Repito, estas son particularidades surgidas de mi criterio personal, que no
excluyen contemplar tantas otras posibilidades y experiencias, así como las
diversas formas narrativas y poéticas que no necesariamente se contraponen,
sino que se suman.
Todo depende, supongo, de los
límites del talento personal, y a qué llamamos con este nombre.
¿Cuáles son estos límites?
No hay más remedio que vivir, aún encerrados en una habitación, como
dicen que lo hizo Emily Dickinson, y ponerse a escribir lo que una ventana nos
concede del mundo, y permitir que surja todo lo que nuestra imaginación es
capaz de fabricar con esa concesión.
Para eso se
necesita austeridad y silencio. Virtudes, sin duda, difíciles de obtener. Hay
quienes prefieren la incontenible verborragia explicativa como una forma de
auto convencerse de los propios argumentos, y otros que gritan y desarman los
elementos de las cosas, como si esas cosas pudiesen darles la razón o hallar en
ellas los fragmentos indivisibles de la tranquilidad. Austeridad y silencio
como dos altos muros, o dos campos absolutamente llanos sin límites precisos,
ante y en los cuales gritan las Furias sin lograr respuestas. Porque los muros
no escuchan ni dejan atravesar el sonido chirriante de sus voces, ni en los
llanos hay construcciones que generen ecos. Ellas sólo esperan las
consecuencias de sus gritos, que lenta y permanentemente horadarán las piedras.
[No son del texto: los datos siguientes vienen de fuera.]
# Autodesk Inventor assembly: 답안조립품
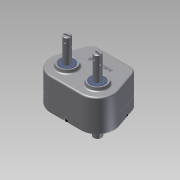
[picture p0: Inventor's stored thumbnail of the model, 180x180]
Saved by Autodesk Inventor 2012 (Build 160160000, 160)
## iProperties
Created: 2014-12
Part Number: 답안조립품
Document SubType Name: Assembly
Designer: Administrator
Author: Administrator
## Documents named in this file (14)
- C:\Documents and Settings\Administrator\바탕 화면\441208V1032 (2)\답안조립품.iam
- C:\Documents and Settings\Administrator\바탕 화면\441208V1032 (2)\본체.ipt
- C:\Documents and Settings\Administrator\바탕 화면\441208V1032 (2)\커버.ipt
- C:\Documents and Settings\Administrator\바탕 화면\441208V1032 (2)\오일시일-D-15.ipt
- C:\Documents and Settings\Administrator\바탕 화면\441208V1032 (2)\오일시일-D-17.ipt
- C:\Documents and Settings\Administrator\바탕 화면\441208V1032 (2)\베어링- 6203.ipt
- C:\Documents and Settings\Administrator\바탕 화면\441208V1032 (2)\베어링- 6202.ipt
- C:\Documents and Settings\Administrator\바탕 화면\441208V1032 (2)\메인축.ipt
- C:\Documents and Settings\Administrator\바탕 화면\441208V1032 (2)\키5x5.ipt
- C:\Documents and Settings\Administrator\바탕 화면\441208V1032 (2)\메인기어.ipt
- C:\Documents and Settings\Administrator\바탕 화면\441208V1032 (2)\서브축.ipt
- C:\Documents and Settings\Administrator\바탕 화면\441208V1032 (2)\멈춤링.ipt
- C:\Documents and Settings\Administrator\바탕 화면\441208V1032 (2)\서브기어.ipt
- C:\Documents and Settings\Administrator\바탕 화면\441208V1032 (2)\M 5 x 35.ipt
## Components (15 placed, 6 different names)
1. KS B 2804 D D - 15 30 7:1
2. KS B 2804 D D - 15 30 7:2
3. KS B 2804 D D - 17 30 8:1
4. KS B 2023 6203 - 17 x 40 x 12:1
5. KS B 2023 6203 - 17 x 40 x 12:2
6. KS B 2023 6203 - 17 x 40 x 12:3
7. KS B 2023 6203 - 17 x 40 x 12:4
8. KS B 2023 6202 - 15 x 35 x 11:1
9. KS B 2023 6202 - 15 x 35 x 11:2
10. KS B 1336 17 x 1:1
11. KS B 1336 17 x 1:2
12. KS B 1336 17 x 1:3
13. KS B 1003 - 미터 M 5 x 35:1
14. KS B 1003 - 미터 M 5 x 35:2
15. KS B 1003 - 미터 M 5 x 35:3

Y los hombres se esmeran en el silencio y la austeridad, no como
objetivos, sino simple consecuencia del tiempo, que engendra y fermenta el
hastío: único Dios por antonomasia.
Los reclamos no
sirven, porque se estrellan en la burocrática sociedad de los medios, llámense
periódicos, televisión o gobierno. La opinión individual es un estrago que
corroe la parsimonia satisfecha de la demagogia. La identidad es un caos, la
individualidad un delito. La simulación y lo bien visto son un mismo grano que
brota en todos los desiertos. El hastío y la desilusión, hijos que han
nacido viejos, y que aun así continúan esperando algo: el éxtasis de una
lectura en un cuerpo o en un libro, o por lo menos la indolora disolución de la
existencia.
Pero desde afuera
no dejan de escucharse, todas las mañanas, los acuciantes ladridos de los
múltiples perros que sueltan las Furias ante las puertas de nuestras casas. Hay
perros adentro, también, los que nos miran como buscando algo que no podemos
darles, y nos contentamos con la comida diaria y el reclamo permanente de la
fidelidad y la sumisión. La obediencia y el amor son una misma cosa cuando de
ellos se trata, entonces los soltamos frente a las bestias de afuera, o son
simplemente ellos que salen y pelean, y cuando regresan, lastimados y
perdedores, si es que regresan, los atamos con una cadena en señal de
penitencia. Ni comida ni agua les daremos hasta que aprendan a discernir la
realidad: si salen será para ganar, porque para perder más le valdría quedarse
en casa, bajo la cama, o acurrucados entre las sábanas, hasta que hombre y
perro se cansen de la quietud y se muevan hasta morderse mutuamente. El hombre
muerde con sus manos, el perro muerde con su miedo. El miedo del perro es un
alimento de la fuerza, el miedo del hombre es un alimento de la furia.
Las Furias no son
mujeres, aunque así las representen. Son enigmas. Dicen que tienen serpientes
en el pelo, pero lo más cierto es que tienen cuerpos de perro, a veces. La
verdad es que cambian sus formas según la venganza que contemplan. Y las
venganzas por delitos morales son las peores en su forma de realización, porque
habitualmente no abusan de la sangre ni de los encarnizamientos o matanzas.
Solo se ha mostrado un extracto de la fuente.